Desde el reinado de Isabel Mayer hasta hoy, ha sido difícil justipreciar a las mujeres con poder. Existen manifestaciones esporádicas de corrección política que tropiezan con la pared de los prejuicios. El titubeo es frecuente al momento de situar debido a la fragilidad del convencimiento.
Los hacedores de opinión y portaestandartes de la ética, asumen la actitud facilona propia del “hombre light”, aquel sujeto tan bien descrito por Enrique Rojas, antes de la “Civilización del Espectáculo”.
EL doble discurso los catapulta, propalan con desenfado que son “feministos”, pero su doblez es más que evidente.
Sucede con la valoración del procerato criollo, con la genuflexión ante el funcionariado de antes y ahora. Acotejan sus principios y cuando se trata de mujeres, si es afín a sus propósitos, descubren virtudes en sus pecados. En nombre del frágil y rentable oportunismo, las colocan en un pedestal. Instrumentalizadas, son guerreras invencibles.
Por eso defienden a Minerva Bernardino. Encubren sus delitos y solo destacan sus aportes a la Declaración Universal de Derechos Humanos.
La corrección eventual oscila entre la exaltación de la belleza, el reconocimiento al sacrificio maternal hasta la sordidez. Imposible olvidar aquella frase usada para identificar a ese portento de la literatura, Aida Cartagena Portalatín, como “el monstruo que menstrúa”.

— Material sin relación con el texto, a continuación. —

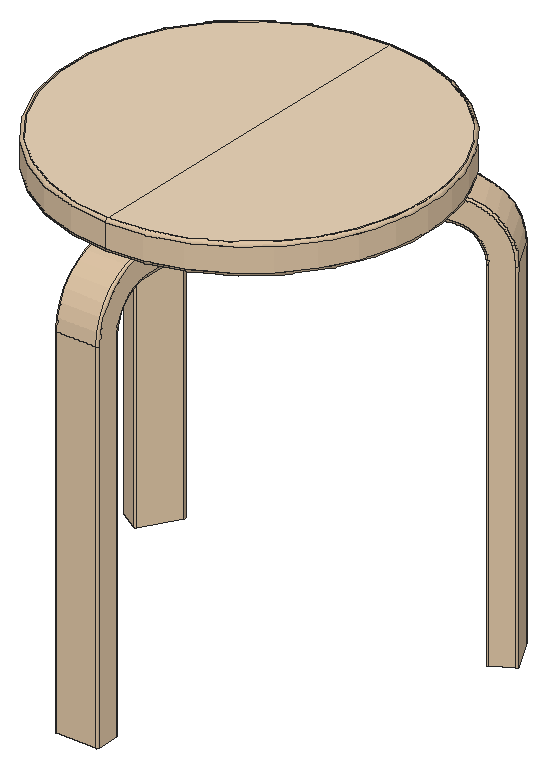
Revit family "Artek_Stools_Stool 60_Stool 60_quick_ship", category Furniture, Revit 2017
Family settings
  OmniClass Number = 23.40.20.14.14.11
  OmniClass Title = Chairs
  Work Plane-Based = No
  Always vertical = Yes
  Cut with Voids When Loaded = No
  Shared = No
  Room Calculation Point = No
Parameters (values of type "Stool 60 - natural lacquered / birch veneer")
  WarrantyStartDate [instance] = "n/a"
  WarrantyGuarantorParts = "n/a"
  WarrantyGuarantorLabor = "n/a"
  WarrantyDurationUnit = "n/a"
  WarrantyDurationParts = "n/a"
  WarrantyDurationLabor = "n/a"
  WarrantyDescription = "n/a"
  VersionDate = "12/11/2020"  # constant formula
  Version = "1"  # constant formula
  Uniclass2015Reference = "Pr_40_50_51_31"
  Uniclass2015Description = "Foot stools"
  Uniclass2 = "Pr_40_50_12_83"
  URL = "https://www.artek.fi/en/products/stool-60 "
  Type Comments = ""
  TagNumber [instance] = "n/a"
  SustainabilityPerformance = "n/a"
  Style = "n/a"
  Size = "380x380x440mm"
  Shape = "Sculptured"
  SerialNumber [instance] = "n/a"
  SeatingHeight = 440 mm
  SeatMaterial = Birch Veneer
  SeatBandMaterial = Natural Lacquered
  Revision = "1"  # constant formula
  ReplacementCost = "n/a"
  ProductInformation = "Alvar Aalto’s iconic Stool 60 is the most elemental of furniture pieces, equally suitable as a seat, a table, storage unit, or display surface. The legs are mounted directly to the underside of the round seat without the need for complicated connecting elements. Thanks to its geometry, the stool can be stacked to save space in a spiralling tower sculpture. Manufactured in 42 production steps at the A-Factory in Turku, Finland, Stool 60 is available in a wide variety of colours and finishes. Several million units of Stool 60 and its four-legged cousin, Stool E60, have been sold, making it one of the most cherished products in the history of design."
  NominalLength = 380 mm
  NominalHeight = 440 mm
  NominalDepth = 380 mm
  Name = "Stool_60"  # constant formula
  NBSReference = "45-35-20/365"
  NBSDescription = "Domestic chairs"
  ModelReference = "n/a"
  ModelNumber = "28000151"
  Material = "Wood/Fabric/Textile"
  ManufacturerURL = "https://www.artek.fi/"
  ManufacturerName = "Artek"
  Model = "Stool 60"
  Manufacturer = "Artek"
  MainColor = "Various"
  LegsMaterial = Natural Lacquered
  InstallationDate [instance] = "n/a"
  IfcExportType = "CHAIR"  # constant formula
  IfcExportAs = "IfcFurnishingElementType"  # constant formula
  Grade = "n/a"
  Finish = "Three legs and seat edge-band:\r\nSolid birch\r\nSeat core versions:\r\nSolid birch, Birch plywood\r\nSeat surface versions:\r\nBirch veneer, High-pressure laminate, Linoleum, Fabric upholstery and PU foam padding, Leather upholstery and PU foam padding, Leather upholstery"
  Features = "Stool 60 can be stacked to create a spiralling tower of design classics Made of solid birch in Finland The simple geometry of Stool 60 has an elemental power"
  ExpectedLife = "n/a"
  DurationUnit = "Years"
  Designer = "Alvar Aalto"
  Description = "Alvar Aalto’s iconic Stool 60 is the most elemental of furniture pieces, equally suitable as a seat, a table, storage unit, or display surface. The legs are mounted directly to the underside of the round seat without the need for complicated connecting elements. Thanks to its geometry, the stool can be stacked to save space in a spiralling tower sculpture. Manufactured in 42 production steps at the A-Factory in Turku, Finland, Stool 60 is available in a wide variety of colours and finishes. Several million units of Stool 60 and its four-legged cousin, Stool E60, have been sold, making it one of the most cherished products in the history of design."
  Cost = 0
  ConvergoRefNr = "n/a"
  Constituents = "n/a"
  Color = "Various"
  Collection = "Stool 60"
  CodePerformance = "n/a"
  Barcode [instance] = "n/a"
  AssetIdentifier [instance] = "n/a"
  Category = "Stools"
  Brand = "Artek"
  BIMObjectName = "Furniture_Chairs_Artek_Stool_60"  # constant formula
  Author = "Convergo AB"  # constant formula
  AssetType = "Movable"
  AccessibilityPerformance = "n/a"
Types (16, lengths in mm): name | SeatMaterial | SeatBandMaterial | ModelNumber | LegsMaterial
  Stool 60 - natural lacquered / birch veneer | Birch Veneer | Natural Lacquered | "28000151" | Natural Lacquered
  Stool 60 - natural lacquered / IKI white HPL | IKI white HPL | Natural Lacquered | "28000152" | Natural Lacquered
  Stool 60 - natural lacquered / black linoleum | Black Linoleum | Natural Lacquered | "28000153" | Natural Lacquered
  Stool 60 - natural lacquered / black lacquered | Black Lacquered | Black Lacquered | "28000154" | Natural Lacquered
  Stool 60 - natural lacquered / white lacquered | White Lacquered | White Lacquered | "28000155" | Natural Lacquered
  Stool 60 - natural lacquered / orange lacquered | Orange Lacquered | Orange Lacquered | "28000156" | Natural Lacquered
  Stool 60 - natural lacquered / yellow lacquered | Yellow Lacquered | Yellow Lacquered | "28000157" | Natural Lacquered
  Stool 60 - natural lacquered / green lacquered | Green Lacquered | Green Lacquered | "28000158" | Natural Lacquered
  Stool 60 - natural lacquered / petrol lacquered | Petrol Lacquered | Petrol Lacquered | "28000184" | Natural Lacquered
  Stool 60 - natural lacquered / red lacquered | Red Lacquered | Red Lacquered | "28000185" | Natural Lacquered
  Stool 60 - natural lacquered / blue lacquered | Blue Lacquered | Blue Lacquered | "28000186" | Natural Lacquered
  Stool 60 - white lacquered / white lacquered | White Lacquered | White Lacquered | "28000163" | White Lacquered
  Stool 60 - natural lacquered / grey lacquered | Grey Lacquered | Grey Lacquered | "28000187" | Natural Lacquered
  Stool 60 - black lacquered / black lacquered | Black Lacquered | Black Lacquered | "28000164" | Black Lacquered
  Stool 60 - honey stained / honey stained | Honey Stained | Honey Stained | "28000182" | Honey Stained
  Stool 60 - walnut stained / walnut stained | Walnut Stained | Walnut Stained | "28000171" | Walnut Stained
Reference planes
  plane 1 "Center (Front/Back)": y = 0
  plane 2: z = 0
  plane 3 "Center (Left/Right)": x = 0
  plane 4: z = 440
  plane 5: z = 440
  plane 6: y = 193
  plane 7: y = -193
  plane 8: x = 192.5
  plane 9: x = -192.5
Forms (mm)
  Revolve 1, solid, material "Birch Veneer" <- "SeatMaterial", detail levels medium+fine
    sketch origin (0, 0, 0) x (0, 1, 0) y (0, 0, 1)
      loop
        line (190, 440) -> (18, 440) -> (18, 435.946) -> (190, 435.946) -> (190, 440)
      axis (18, 440) -> (18, 435.946)
    angle from 0 to 360
  Extrusion 2, solid, material "Birch Veneer" <- "SeatMaterial", detail levels coarse
    sketch origin (0, 0, 0) x (1, 0, 0) y (0, 1, 0)
      loop
        line (-192.5, 193) -> (-192.5, -193) -> (192.5, -193) -> (192.5, 193) -> (-192.5, 193)
    from 440 to 0
  Sweep 3, solid, material "Natural Lacquered" <- "LegsMaterial", detail levels medium+fine
    path origin (0, 0, 0) x (0, 1, 0) y (0, 0, 1)
      loop
        line (-168, 0) -> (-168, 351.014)
        arc (-168, 351.014) -> (-157.749, 375.763) -> (-133, 386.014) r 35
        line (-133, 386.014) -> (-55.593, 386.014)
    profile origin (0, -168, 175.507) x (0, -1, 0) y (1, 0, 0)
      loop
        arc (-0.004, -19.001) -> (0.582, -20.415) -> (1.996, -21.001) r 2
        line (1.996, -21.001) -> (22.996, -21.001)
        arc (22.996, -21.001) -> (24.41, -20.415) -> (24.996, -19.001) r 2
        line (24.996, -19.001) -> (24.996, 18.999)
        arc (24.996, 18.999) -> (24.41, 20.414) -> (22.996, 20.999) r 2
        line (22.996, 20.999) -> (1.996, 20.999)
        arc (1.996, 20.999) -> (0.582, 20.414) -> (-0.004, 18.999) r 2
        line (-0.004, 18.999) -> (-0.004, -19.001)
  Sweep 4, solid, material "Natural Lacquered" <- "LegsMaterial", detail levels medium+fine
    path origin (15.594, 27.01, 0) x (-0.866025, -0.5, 0) y (0, 0, 1)
      loop
        line (-168, 0) -> (-168, 351.014)
        arc (-168, 351.014) -> (-157.749, 375.763) -> (-133, 386.014) r 35
        line (-133, 386.014) -> (-55.593, 386.014)
    profile origin (161.086, 111.01, 175.507) x (0.866025, 0.5, 0) y (-0.5, 0.866025, 0)
      loop
        arc (-0.004, -19.001) -> (0.582, -20.415) -> (1.996, -21.001) r 2
        line (1.996, -21.001) -> (22.996, -21.001)
        arc (22.996, -21.001) -> (24.41, -20.415) -> (24.996, -19.001) r 2
        line (24.996, -19.001) -> (24.996, 18.999)
        arc (24.996, 18.999) -> (24.41, 20.414) -> (22.996, 20.999) r 2
        line (22.996, 20.999) -> (1.996, 20.999)
        arc (1.996, 20.999) -> (0.582, 20.414) -> (-0.004, 18.999) r 2
        line (-0.004, 18.999) -> (-0.004, -19.001)
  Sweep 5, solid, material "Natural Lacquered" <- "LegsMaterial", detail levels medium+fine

La falsía se reedita contundente, sin brillantez. Bastó que Margarita Cedeño Lizardo expusiera su intención de optar por la candidatura presidencial en las primarias de su partido para que damas y caballeros, abanderados de la corrección política dedicaran sus energías al insulto. Colocada en el cadalso piden refuerzos para lapidarla.
La debilidad del movimiento de mujeres, con arrebatos ocasionales, excluyentes y financiados, abona el ultraje. Su cooptación irrita. La “sororidad” se tambalea para sumarse al coro del denuesto y la violencia.
Ocurrió en otra época con la ex senadora del DN, primera vicepresidente de la República. Despreciada en su partido, víctima de las vacilaciones feministas, decidió continuar desoyendo agravios, quizás consciente de la mezquindad del entorno.
El tratamiento piadoso para las mujeres con funciones públicas y aspiraciones políticas, es ofensivo. La batalla exige igualdad. Escuece que esos juzgadores jamás se refieran a sus pares, con tal virulencia. Omiten la mención de los políticos que demandan y pagan abortos para evitar bastardías. Callan el nombre de maltratadores, homicidas, extorsionadores, desfalcadores, incestuosos, estupradores, pedófilos.
El destape confirma que la convicción nunca ha existido. Sin la incomodidad de las caretas, sin vergüenza ni pose, convierten la infamia en consigna.
Las mujeres de Estado provocan demasiado. Confunden a los adversarios y también a los aliados. Ignorarlas es una opción. Cuando su actitud no es desafiante reciben halagos y les proponen asesorías para enseñarlas a conocer los meandros del quehacer público.
En esta competencia no hay tregua. Sin embargo, como es temporada de transparencia e independencia, sería útil una alianza entre los detractores de la precandidata. Juntos podrían acordar la suspensión fugaz de acusaciones morales para dedicarse a redactar una querella con la tipificación de las infracciones que le imputan. Sería
excelente oportunidad para convertir el insulto en sentencia y así ganamos todos.